Assigned task
Could you transcribe every record below exactly as written, leaving out any pictures?

╔══

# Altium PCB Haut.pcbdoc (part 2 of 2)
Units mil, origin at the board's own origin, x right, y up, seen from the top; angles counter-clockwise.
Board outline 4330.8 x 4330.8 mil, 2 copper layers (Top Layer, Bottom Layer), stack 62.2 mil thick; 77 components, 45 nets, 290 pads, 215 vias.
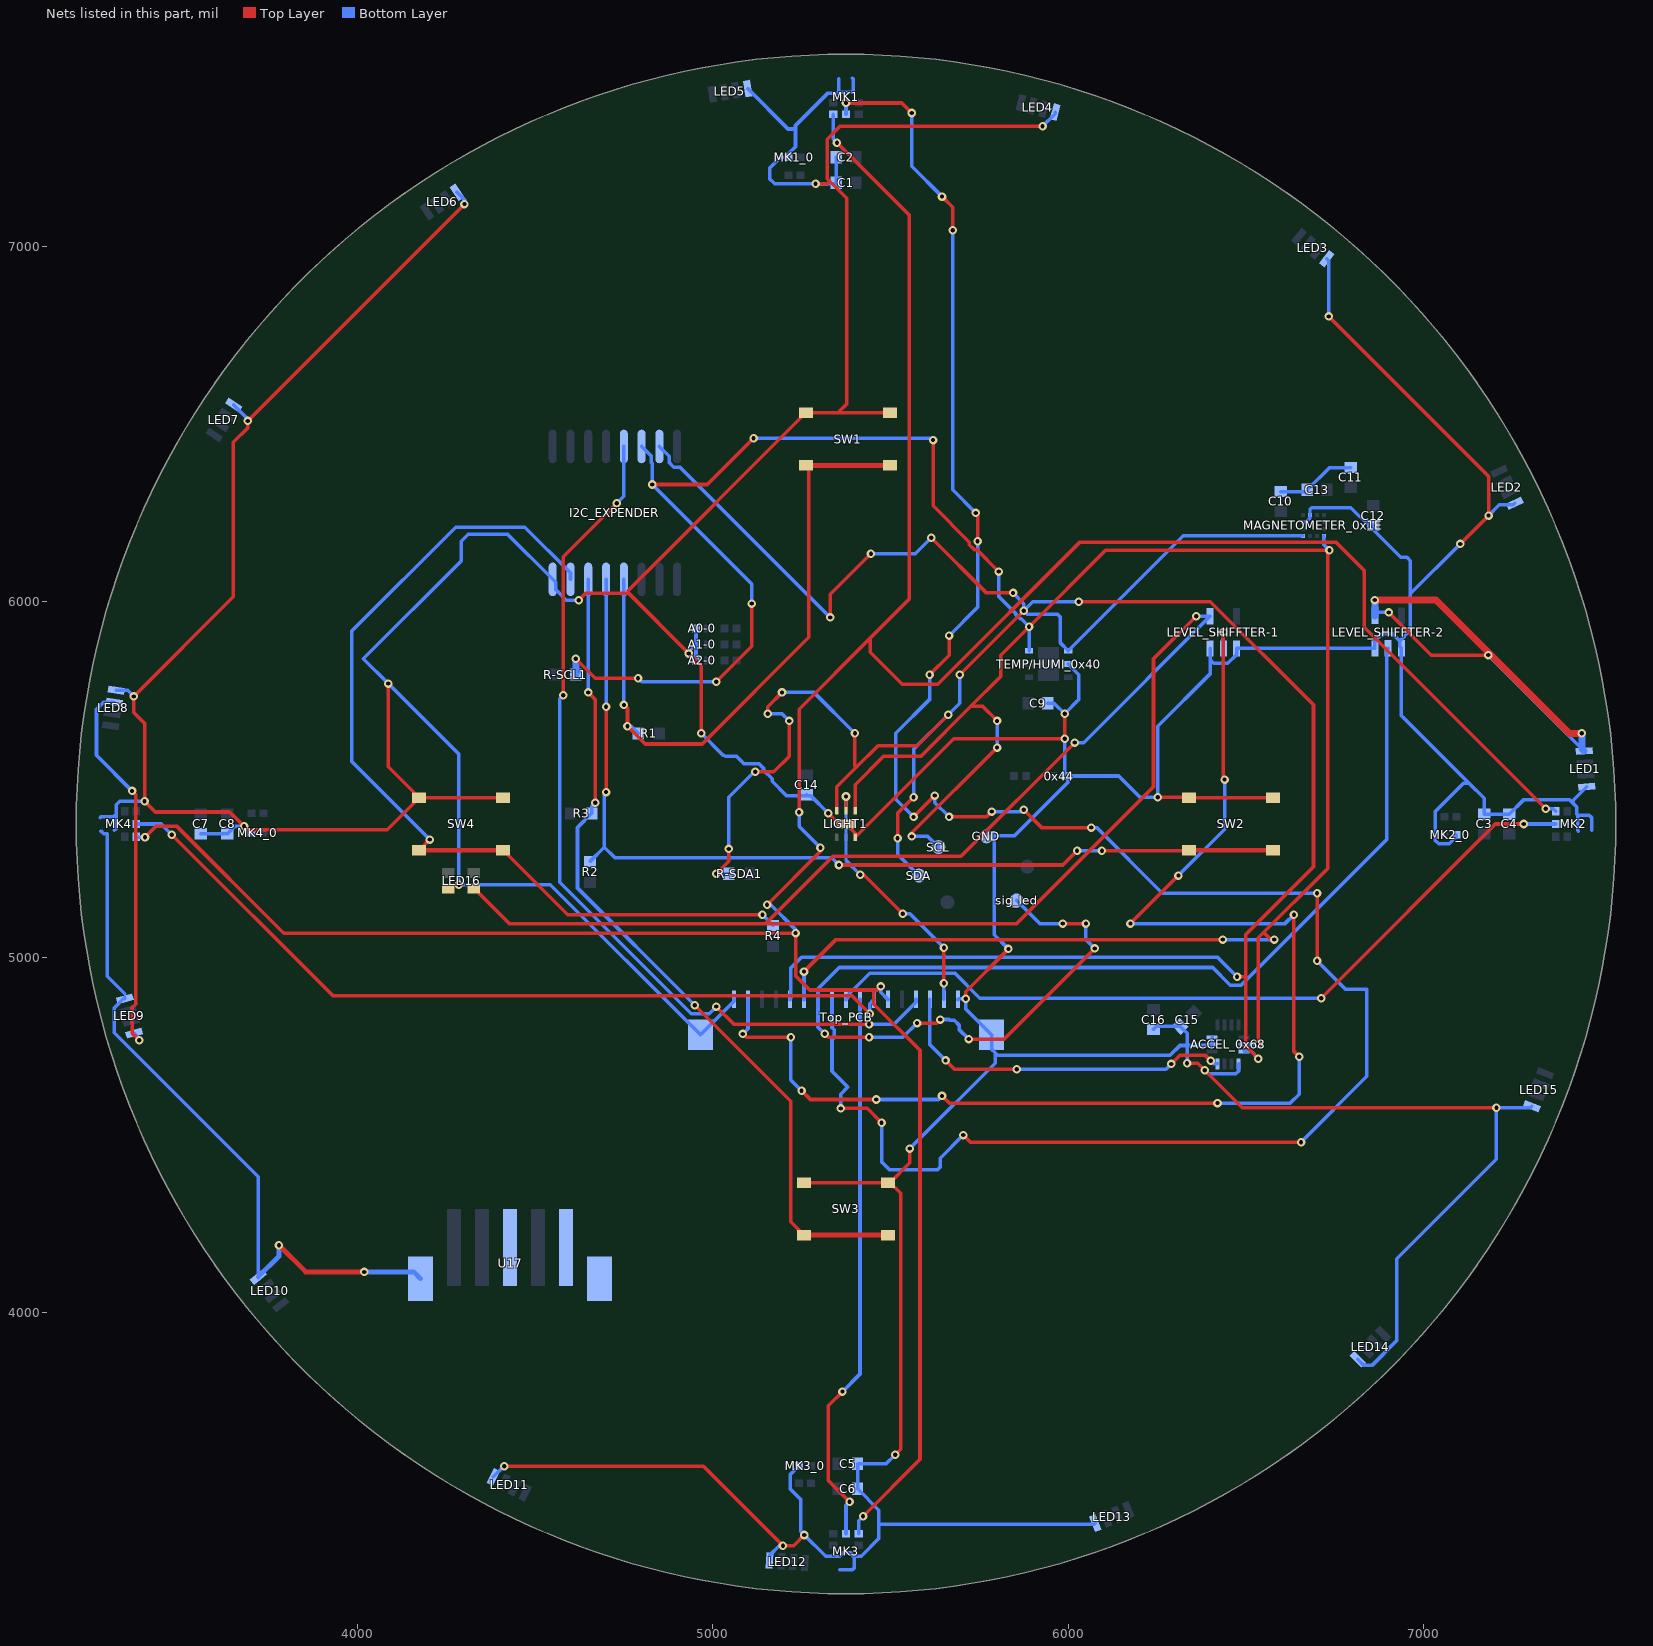
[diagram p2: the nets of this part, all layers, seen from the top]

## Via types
v1: diameter 24, hole 12, Top Layer to Bottom Layer, 215 vias

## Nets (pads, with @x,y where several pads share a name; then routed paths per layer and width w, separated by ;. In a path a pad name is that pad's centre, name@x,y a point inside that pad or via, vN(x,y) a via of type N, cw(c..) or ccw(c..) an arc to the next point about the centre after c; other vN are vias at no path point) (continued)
GND: 0x44.1 A0-0.1 A1-0.2 A2-0.2 ACCEL_0x68.1 ACCEL_0x68.6 ACCEL_0x68.7 C1.2 C2.2 C3.2 C4.2 C5.2 C6.2 C7.2 C8.2 C9.2 C10.1 C11.1 C12.1 C13.1 C14.1 C15.1 C16.1 GND.1 I2C_EXPENDER.8 LED1.4 LED2.4 LED3.4 LED4.4 LED5.4 LED6.4 LED7.4 LED8.4 LED9.4 LED10.4 LED11.4 LED12.4 LED13.4 LED14.4 LED15.4 LED16.2 LEVEL_SHIFFTER-1.1 LEVEL_SHIFFTER-1.3 LEVEL_SHIFFTER-2.1 LEVEL_SHIFFTER-2.3 LIGHT1.3 LIGHT1.7 MAGNETOMETER_0x1E.6 MAGNETOMETER_0x1E.8 MK1.3 MK1_0.2 MK2.3 MK2_0.2 MK3.3 MK3_0.2 MK4.3 MK4_0.2 SW1.1 SW1.2 SW2.1 SW2.2 SW3.1 SW3.2 SW4.1 SW4.2 TEMP/HUMI_0x40.2 Top_PCB.1 Top_PCB.17 Top_PCB.18 Top_PCB.19 U17.3 U17.5 U17.6 U17.7 | length 27844
  Top Layer w9.8: LIGHT1.7@5374.4,5374.4 5400,5348.8 LIGHT1.3@5400,5337 5677.4,5614.4 v1(5989.5,5614.4)
  Top Layer w10: v1(4086.8,5769.4) 4086.8,5535 SW4.1@4173.6,5448.2 ; LED16.2@4255.7,5193.4 4265.7,5203.4 v1(4285.7,5203.4) ; v1(4301.2,7118.2) v1(3691.2,6508.2) 3691.2,6488.2 3651.2,6448.2 3651.2,6013.2 v1(3371.2,5733.2) 3371.2,5688.2 3401.2,5658.2 v1(3401.2,5438.2) 3431.2,5408.2 3641.2,5408.2 v1(3681.2,5368.2) 3691.2,5358.2 4083.6,5358.2 SW4.1@4173.6,5448.2 ; SW4.2@4409.8,5448.2 SW4.1@4173.6,5448.2 ; v1(4413.4,3568) 4973.4,3568 v1(5197,3344.4) 5227,3344.4 v1(5257,3374.4) ; v1(4622.4,6004) 4642.4,6024 4762.4,6024 ; v1(4967,5629.4) 4967,5819.4 v1(4932.4,5854) 4762.4,6024 ; SW3.1@5256.3,4365.5 SW3.2@5492.5,4365.5 SW3.2@5498,4365.5 ; v1(5288.7,7175.3) 5322,7175.3 5328.8,7182.2 ; v1(5324.4,5404.4) 5354.4,5374.4 LIGHT1.7@5374.4,5374.4 ; SW1.2@5497.5,6530.9 5351.3,6530.9 ; v1(5513,3600.5) 5528,3615.5 5528,4335.5 SW3.2@5498,4365.5 ; v1(5553.9,4461.4) 5553.9,4421.4 SW3.2@5498,4365.5 ; v1(5711.4,4882.9) 5711.4,4902.9 v1(5831.4,5022.9) ; v1(5927.3,7336.9) 5357.3,7336.9 5321.3,7300.9 5321.3,7189.7 5328.8,7182.2 ; v1(5989.5,5614.4) v1(5989.5,5684.4) ; v1(6251.4,5449.4) 6337.8,5449.4 SW2.1@6339,5448.2 SW2.2@6575.2,5448.2 ; v1(6333.9,4701.4) 6363.9,4701.4 v1(6383.9,4681.4) 6488.9,4576.4 v1(7203.9,4576.4) ; v1(6732,6802.1) 7182,6352.1 v1(7182,6242.1) v1(7102,6162.1) ; 4762.4,6024 4762.4,6032 SW1.1@5261.3,6530.9 5351.3,6530.9 ; 5328.8,7182.2 5376.3,7134.7 5376.3,6555.9 5351.3,6530.9
  Top Layer w13.8: v1(3779.4,4189.4) 3854.4,4114.4 v1(4019.4,4114.4)
  Bottom Layer w9.8: C9.2@5942,5714.4 5959.5,5714.4 v1(5989.5,5684.4) ; C10.1@6597,6309.5 6667,6309.5 C13.1@6671.8,6314.4 6734.4,6377 C11.1@6794.4,6377 ; MAGNETOMETER_0x1E.6@6659.9,6224.2 6669.4,6224.2 6679.6,6234.4 MAGNETOMETER_0x1E.8@6679.6,6243.9 6679.6,6259.6 6684.4,6264.4 6794.4,6264.4 C12.1@6844.5,6214.3 ; C12.1@6857,6214.3 C12.1@6844.5,6214.3 ; 6962,6022.1 6962,6114.8 6952.4,6124.4 6934.4,6124.4 C12.1@6844.5,6214.3
  Bottom Layer w10: 3276.5,5392.2 3278.6,5394.3 3314.2,5394.3 3318.1,5398.2 3321.2,5398.2 ; 3278.6,5354.5 3286.5,5346.6 3296.3,5346.6 3296.3,4946.6 3345.9,4897 ; 3316.3,5356.6 3321.2,5361.5 3321.2,5398.2 ; LED8.4@3321.3,5750.4 3354,5750.4 v1(3371.2,5733.2) ; LED9.4@3345.9,4882.8 3345.9,4887 3315.9,4857 3315.9,4787 3721.2,4381.7 LED10.4@3721.2,4100.3 ; v1(3401.2,5438.2) 3331.2,5438.2 3321.2,5428.2 3321.2,5398.2 ; C7.2@3559.4,5346.8 C8.2@3634.4,5346.8 3655.8,5368.2 v1(3681.2,5368.2) 3683.5,5368.2 MK4_0.2@3702.4,5349.4 ; LED7.4@3651.8,6553 3691.2,6513.5 v1(3691.2,6508.2) ; LED6.4@4280.1,7151.7 4301.2,7130.6 v1(4301.2,7118.2) ; LED11.4@4382.4,3538 4412.4,3568 v1(4413.4,3568) ; v1(4622.4,6004) 4587.8,6004 4557.8,6034 4557.8,6054 I2C_EXPENDER.8@4549.4,6062.4 4422.4,6189.4 4311.8,6189.4 4291.8,6169.4 4291.8,6149.4 4291.8,6114.4 4016.8,5839.4 v1(4086.8,5769.4) 4285.7,5570.5 v1(4285.7,5203.4) 4542.9,5203.4 Top_PCB.19@4965,4781.4 5059.4,4875.9 Top_PCB.1@5059.4,4880.8 ; A0-0.1@4952.4,5924.4 A1-0.2@4952.4,5879.4 ; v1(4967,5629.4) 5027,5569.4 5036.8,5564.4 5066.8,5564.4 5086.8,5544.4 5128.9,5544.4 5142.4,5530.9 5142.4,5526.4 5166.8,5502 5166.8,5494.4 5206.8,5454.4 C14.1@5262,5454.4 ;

╚══

Response area
# Altium PCB Haut.pcbdoc (part 2 of 2)
Units mil, origin at the board's own origin, x right, y up, seen from the top; angles counter-clockwise.
Board outline 4330.8 x 4330.8 mil, 2 copper layers (Top Layer, Bottom Layer), stack 62.2 mil thick; 77 components, 45 nets, 290 pads, 215 vias.
[diagram p2: the nets of this part, all layers, seen from the top]

## Via types
v1: diameter 24, hole 12, Top Layer to Bottom Layer, 215 vias

## Nets (pads, with @x,y where several pads share a name; then routed paths per layer and width w, separated by ;. In a path a pad name is that pad's centre, name@x,y a point inside that pad or via, vN(x,y) a via of type N, cw(c..) or ccw(c..) an arc to the next point about the centre after c; other vN are vias at no path point) (continued)
GND: 0x44.1 A0-0.1 A1-0.2 A2-0.2 ACCEL_0x68.1 ACCEL_0x68.6 ACCEL_0x68.7 C1.2 C2.2 C3.2 C4.2 C5.2 C6.2 C7.2 C8.2 C9.2 C10.1 C11.1 C12.1 C13.1 C14.1 C15.1 C16.1 GND.1 I2C_EXPENDER.8 LED1.4 LED2.4 LED3.4 LED4.4 LED5.4 LED6.4 LED7.4 LED8.4 LED9.4 LED10.4 LED11.4 LED12.4 LED13.4 LED14.4 LED15.4 LED16.2 LEVEL_SHIFFTER-1.1 LEVEL_SHIFFTER-1.3 LEVEL_SHIFFTER-2.1 LEVEL_SHIFFTER-2.3 LIGHT1.3 LIGHT1.7 MAGNETOMETER_0x1E.6 MAGNETOMETER_0x1E.8 MK1.3 MK1_0.2 MK2.3 MK2_0.2 MK3.3 MK3_0.2 MK4.3 MK4_0.2 SW1.1 SW1.2 SW2.1 SW2.2 SW3.1 SW3.2 SW4.1 SW4.2 TEMP/HUMI_0x40.2 Top_PCB.1 Top_PCB.17 Top_PCB.18 Top_PCB.19 U17.3 U17.5 U17.6 U17.7 | length 27844
  Top Layer w9.8: LIGHT1.7@5374.4,5374.4 5400,5348.8 LIGHT1.3@5400,5337 5677.4,5614.4 v1(5989.5,5614.4)
  Top Layer w10: v1(4086.8,5769.4) 4086.8,5535 SW4.1@4173.6,5448.2 ; LED16.2@4255.7,5193.4 4265.7,5203.4 v1(4285.7,5203.4) ; v1(4301.2,7118.2) v1(3691.2,6508.2) 3691.2,6488.2 3651.2,6448.2 3651.2,6013.2 v1(3371.2,5733.2) 3371.2,5688.2 3401.2,5658.2 v1(3401.2,5438.2) 3431.2,5408.2 3641.2,5408.2 v1(3681.2,5368.2) 3691.2,5358.2 4083.6,5358.2 SW4.1@4173.6,5448.2 ; SW4.2@4409.8,5448.2 SW4.1@4173.6,5448.2 ; v1(4413.4,3568) 4973.4,3568 v1(5197,3344.4) 5227,3344.4 v1(5257,3374.4) ; v1(4622.4,6004) 4642.4,6024 4762.4,6024 ; v1(4967,5629.4) 4967,5819.4 v1(4932.4,5854) 4762.4,6024 ; SW3.1@5256.3,4365.5 SW3.2@5492.5,4365.5 SW3.2@5498,4365.5 ; v1(5288.7,7175.3) 5322,7175.3 5328.8,7182.2 ; v1(5324.4,5404.4) 5354.4,5374.4 LIGHT1.7@5374.4,5374.4 ; SW1.2@5497.5,6530.9 5351.3,6530.9 ; v1(5513,3600.5) 5528,3615.5 5528,4335.5 SW3.2@5498,4365.5 ; v1(5553.9,4461.4) 5553.9,4421.4 SW3.2@5498,4365.5 ; v1(5711.4,4882.9) 5711.4,4902.9 v1(5831.4,5022.9) ; v1(5927.3,7336.9) 5357.3,7336.9 5321.3,7300.9 5321.3,7189.7 5328.8,7182.2 ; v1(5989.5,5614.4) v1(5989.5,5684.4) ; v1(6251.4,5449.4) 6337.8,5449.4 SW2.1@6339,5448.2 SW2.2@6575.2,5448.2 ; v1(6333.9,4701.4) 6363.9,4701.4 v1(6383.9,4681.4) 6488.9,4576.4 v1(7203.9,4576.4) ; v1(6732,6802.1) 7182,6352.1 v1(7182,6242.1) v1(7102,6162.1) ; 4762.4,6024 4762.4,6032 SW1.1@5261.3,6530.9 5351.3,6530.9 ; 5328.8,7182.2 5376.3,7134.7 5376.3,6555.9 5351.3,6530.9
  Top Layer w13.8: v1(3779.4,4189.4) 3854.4,4114.4 v1(4019.4,4114.4)
  Bottom Layer w9.8: C9.2@5942,5714.4 5959.5,5714.4 v1(5989.5,5684.4) ; C10.1@6597,6309.5 6667,6309.5 C13.1@6671.8,6314.4 6734.4,6377 C11.1@6794.4,6377 ; MAGNETOMETER_0x1E.6@6659.9,6224.2 6669.4,6224.2 6679.6,6234.4 MAGNETOMETER_0x1E.8@6679.6,6243.9 6679.6,6259.6 6684.4,6264.4 6794.4,6264.4 C12.1@6844.5,6214.3 ; C12.1@6857,6214.3 C12.1@6844.5,6214.3 ; 6962,6022.1 6962,6114.8 6952.4,6124.4 6934.4,6124.4 C12.1@6844.5,6214.3
  Bottom Layer w10: 3276.5,5392.2 3278.6,5394.3 3314.2,5394.3 3318.1,5398.2 3321.2,5398.2 ; 3278.6,5354.5 3286.5,5346.6 3296.3,5346.6 3296.3,4946.6 3345.9,4897 ; 3316.3,5356.6 3321.2,5361.5 3321.2,5398.2 ; LED8.4@3321.3,5750.4 3354,5750.4 v1(3371.2,5733.2) ; LED9.4@3345.9,4882.8 3345.9,4887 3315.9,4857 3315.9,4787 3721.2,4381.7 LED10.4@3721.2,4100.3 ; v1(3401.2,5438.2) 3331.2,5438.2 3321.2,5428.2 3321.2,5398.2 ; C7.2@3559.4,5346.8 C8.2@3634.4,5346.8 3655.8,5368.2 v1(3681.2,5368.2) 3683.5,5368.2 MK4_0.2@3702.4,5349.4 ; LED7.4@3651.8,6553 3691.2,6513.5 v1(3691.2,6508.2) ; LED6.4@4280.1,7151.7 4301.2,7130.6 v1(4301.2,7118.2) ; LED11.4@4382.4,3538 4412.4,3568 v1(4413.4,3568) ; v1(4622.4,6004) 4587.8,6004 4557.8,6034 4557.8,6054 I2C_EXPENDER.8@4549.4,6062.4 4422.4,6189.4 4311.8,6189.4 4291.8,6169.4 4291.8,6149.4 4291.8,6114.4 4016.8,5839.4 v1(4086.8,5769.4) 4285.7,5570.5 v1(4285.7,5203.4) 4542.9,5203.4 Top_PCB.19@4965,4781.4 5059.4,4875.9 Top_PCB.1@5059.4,4880.8 ; A0-0.1@4952.4,5924.4 A1-0.2@4952.4,5879.4 ; v1(4967,5629.4) 5027,5569.4 5036.8,5564.4 5066.8,5564.4 5086.8,5544.4 5128.9,5544.4 5142.4,5530.9 5142.4,5526.4 5166.8,5502 5166.8,5494.4 5206.8,5454.4 C14.1@5262,5454.4 ;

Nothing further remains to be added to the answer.